Imran Khan and Sayed Bukhari arrive at Nobu restaurant in London to host fundraiser Dinner for Imran Khan on April 16, 2016 in London, England.PHOTO: GETTY

PTI calling the kettle black: What they call ‘tabdeeli’ in Naya Pakistan is mere sloganeering in old Pakistan

How can Imran accuse previous govts of promoting nepotism when he does the same within months of forming government?

Imad Zafar September 23, 2018
The appointment of Syed Zulfiqar Abbas Bukhari as a special assistant to the premier has shocked many, even within the ranks of the Pakistan-e-Tehreek Insaf (PTI). His designation is in many ways equivalent to that of the minister of state, and he will subsequently be availing the perks and privileges given to a minister of such a position.

On the face of it, Bukhari came close to Imran Khan when he assisted him in finding forensic companies to investigate the business dealings of Nawaz Sharif’s sons, Hassan Nawaz and Hussain Nawaz. As a result, he quickly became Imran’s blue-eyed boy in the ranks of the PTI, and now has been given the best prize one can get, short of being an elected official; the portfolio of special assistant to the prime minister.

However, the plot is thicker than that. Bukhari also happens to be a business tycoon based in London and holds a dual nationality. Besides owning very expensive properties in the posh areas of London, he also owns six offshore companies, for which he is under investigation by the National Accountability Bureau (NAB).

Since Bukhari not only holds a dual nationality but is also currently being investigated by the NAB, his appointment has once again brought staunch criticism in the direction of the PTI and our prime minister. PTI has stood by this decision, with party leadership suggesting that the cases against Bukhari are politically motivated. They also suggest his dual nationality should not be of legal consequence, as he is not an elected representative of either the National or the Provincial Assembly.

This rebuttal issued by the PTI is neither logical nor does it stand a moral ground, since there really is no way to justify this appointment. For the past five years, Imran has been the most vocal critic against elected government’s hiring cronies, dual nationals, and owners of offshore companies. He has consistently insisted that by hiring cronies our elected governments actually promote nepotism instead of merit, and the resultant trickle down effect impacts the whole society.

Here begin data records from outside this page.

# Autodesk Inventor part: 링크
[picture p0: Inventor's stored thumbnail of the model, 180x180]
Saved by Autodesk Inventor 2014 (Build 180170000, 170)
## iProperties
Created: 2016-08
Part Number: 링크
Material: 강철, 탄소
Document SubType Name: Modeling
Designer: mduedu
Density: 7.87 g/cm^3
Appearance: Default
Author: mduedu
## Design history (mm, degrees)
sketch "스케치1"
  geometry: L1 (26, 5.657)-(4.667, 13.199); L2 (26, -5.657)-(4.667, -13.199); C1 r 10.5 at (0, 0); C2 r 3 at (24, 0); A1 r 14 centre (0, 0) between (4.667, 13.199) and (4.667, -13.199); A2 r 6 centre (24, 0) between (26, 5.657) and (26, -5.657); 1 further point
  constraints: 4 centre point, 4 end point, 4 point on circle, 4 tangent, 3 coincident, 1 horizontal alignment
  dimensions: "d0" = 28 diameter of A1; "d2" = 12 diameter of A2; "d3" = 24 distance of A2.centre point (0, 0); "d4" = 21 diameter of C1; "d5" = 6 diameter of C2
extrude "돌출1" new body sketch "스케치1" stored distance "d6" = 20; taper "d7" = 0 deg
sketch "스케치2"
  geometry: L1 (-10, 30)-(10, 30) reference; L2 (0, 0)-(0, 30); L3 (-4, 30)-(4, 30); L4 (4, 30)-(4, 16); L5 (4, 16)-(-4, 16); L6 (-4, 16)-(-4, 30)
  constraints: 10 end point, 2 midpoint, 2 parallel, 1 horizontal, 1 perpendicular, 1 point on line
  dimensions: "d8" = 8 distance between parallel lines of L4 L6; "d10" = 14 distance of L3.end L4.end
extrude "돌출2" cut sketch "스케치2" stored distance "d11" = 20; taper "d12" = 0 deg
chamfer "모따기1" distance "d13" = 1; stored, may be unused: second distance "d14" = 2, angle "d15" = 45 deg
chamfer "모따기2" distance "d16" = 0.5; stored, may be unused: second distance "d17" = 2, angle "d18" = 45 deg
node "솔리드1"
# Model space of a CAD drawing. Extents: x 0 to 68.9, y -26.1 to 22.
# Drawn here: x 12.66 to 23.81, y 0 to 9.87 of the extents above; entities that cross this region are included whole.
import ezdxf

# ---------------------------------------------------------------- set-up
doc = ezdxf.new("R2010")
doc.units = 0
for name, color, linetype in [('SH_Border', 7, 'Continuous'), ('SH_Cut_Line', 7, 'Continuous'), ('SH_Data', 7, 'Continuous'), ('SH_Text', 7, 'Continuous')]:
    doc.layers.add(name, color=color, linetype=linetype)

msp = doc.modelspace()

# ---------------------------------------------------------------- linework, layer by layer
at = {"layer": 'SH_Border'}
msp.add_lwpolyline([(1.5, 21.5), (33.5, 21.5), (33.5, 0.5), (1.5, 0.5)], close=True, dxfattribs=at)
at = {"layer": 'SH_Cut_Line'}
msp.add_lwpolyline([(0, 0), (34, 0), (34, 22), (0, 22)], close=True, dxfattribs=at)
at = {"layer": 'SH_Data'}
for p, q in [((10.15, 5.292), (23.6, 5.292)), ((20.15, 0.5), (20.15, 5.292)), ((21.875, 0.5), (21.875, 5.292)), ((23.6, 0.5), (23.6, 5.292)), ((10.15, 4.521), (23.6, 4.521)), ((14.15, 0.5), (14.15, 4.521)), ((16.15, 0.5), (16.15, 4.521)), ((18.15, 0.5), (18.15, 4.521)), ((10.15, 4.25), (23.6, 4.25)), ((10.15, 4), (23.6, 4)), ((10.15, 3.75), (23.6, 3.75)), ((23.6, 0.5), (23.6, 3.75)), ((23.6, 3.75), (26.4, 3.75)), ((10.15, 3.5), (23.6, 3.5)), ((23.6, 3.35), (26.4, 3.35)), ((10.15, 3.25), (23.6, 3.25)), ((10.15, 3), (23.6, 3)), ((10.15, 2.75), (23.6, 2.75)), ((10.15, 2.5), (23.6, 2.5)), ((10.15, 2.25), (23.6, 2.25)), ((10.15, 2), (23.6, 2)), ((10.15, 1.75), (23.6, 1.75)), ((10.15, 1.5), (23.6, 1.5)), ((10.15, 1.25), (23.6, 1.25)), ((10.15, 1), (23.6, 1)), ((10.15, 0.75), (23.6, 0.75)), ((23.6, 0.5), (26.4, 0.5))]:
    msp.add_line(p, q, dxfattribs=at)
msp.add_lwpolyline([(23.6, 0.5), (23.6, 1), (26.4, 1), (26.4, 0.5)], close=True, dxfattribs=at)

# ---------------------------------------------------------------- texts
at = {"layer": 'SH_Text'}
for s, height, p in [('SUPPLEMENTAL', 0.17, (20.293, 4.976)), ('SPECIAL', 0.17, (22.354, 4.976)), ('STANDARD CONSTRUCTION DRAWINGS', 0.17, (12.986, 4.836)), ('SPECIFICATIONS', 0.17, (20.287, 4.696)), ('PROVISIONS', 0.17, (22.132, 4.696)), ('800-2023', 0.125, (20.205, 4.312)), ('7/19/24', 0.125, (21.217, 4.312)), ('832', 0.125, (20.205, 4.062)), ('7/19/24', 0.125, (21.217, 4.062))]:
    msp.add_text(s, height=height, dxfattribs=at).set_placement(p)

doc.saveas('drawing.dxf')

Likewise, it was Imran who criticised and accused previous governments of appointing people to the public office who had dual nationalities or were being investigated by NAB. Then how can Imran accuse previous governments of promoting nepotism or awarding positions despite allegations of corruption or dual nationalities, when he does the very same within months of forming his own government? The only effect Imran’s actions now achieve is that they successfully damage PTI’s political credibility.

Furthermore, even PTI's Fauzia Kasuri isn't happy about this appointment as she had to forego her US citizenship to be able to content or hold public office.

After all, it was only last month that Aown Chaudhry, who happens to be a close friend of Imran, was reportedly appointed as an advisor to the Chief Minister of Punjab. Now another close aide has been rewarded with an advisory position. Is this not nepotism? Is this not another U-turn by Imran and his party? Is this not hypocritical?

Furthermore, if anything, Bukhari’s dual nationality and his business interests make it inappropriate for him to hold any official positions or be in such close proximity to the matters of the Pakistani state. Back in 2013, Captain (retd) Shujaat Azeem resigned as the Adviser to Prime Minister Nawaz on aviation, after the Supreme Court (SC) raised questions concerning his dual nationality. If anyone files a petition in the SC regarding Bukhari’s dual nationality, he will technically be disqualified under the same clause, as the precedent has already been set by the court.

Being investigated by the NAB only makes his future more uncertain, and if NAB also establishes that the offshore companies were indeed created to evade tax or launder money, it will simply result in more embarrassment for the PTI, creating a scandal their credibility may not recover from.

It is also pertinent to note that for Imran, the likes of Bukhari, Jahangir Tareen and Aleem Khan all are presumed innocent and victims of political enmity, while his opponents are regularly bashed and insulted, despite the allegations levelled against both being the same, despite NAB being the same body taking action against both, and despite the SC disqualifying both for the same reason.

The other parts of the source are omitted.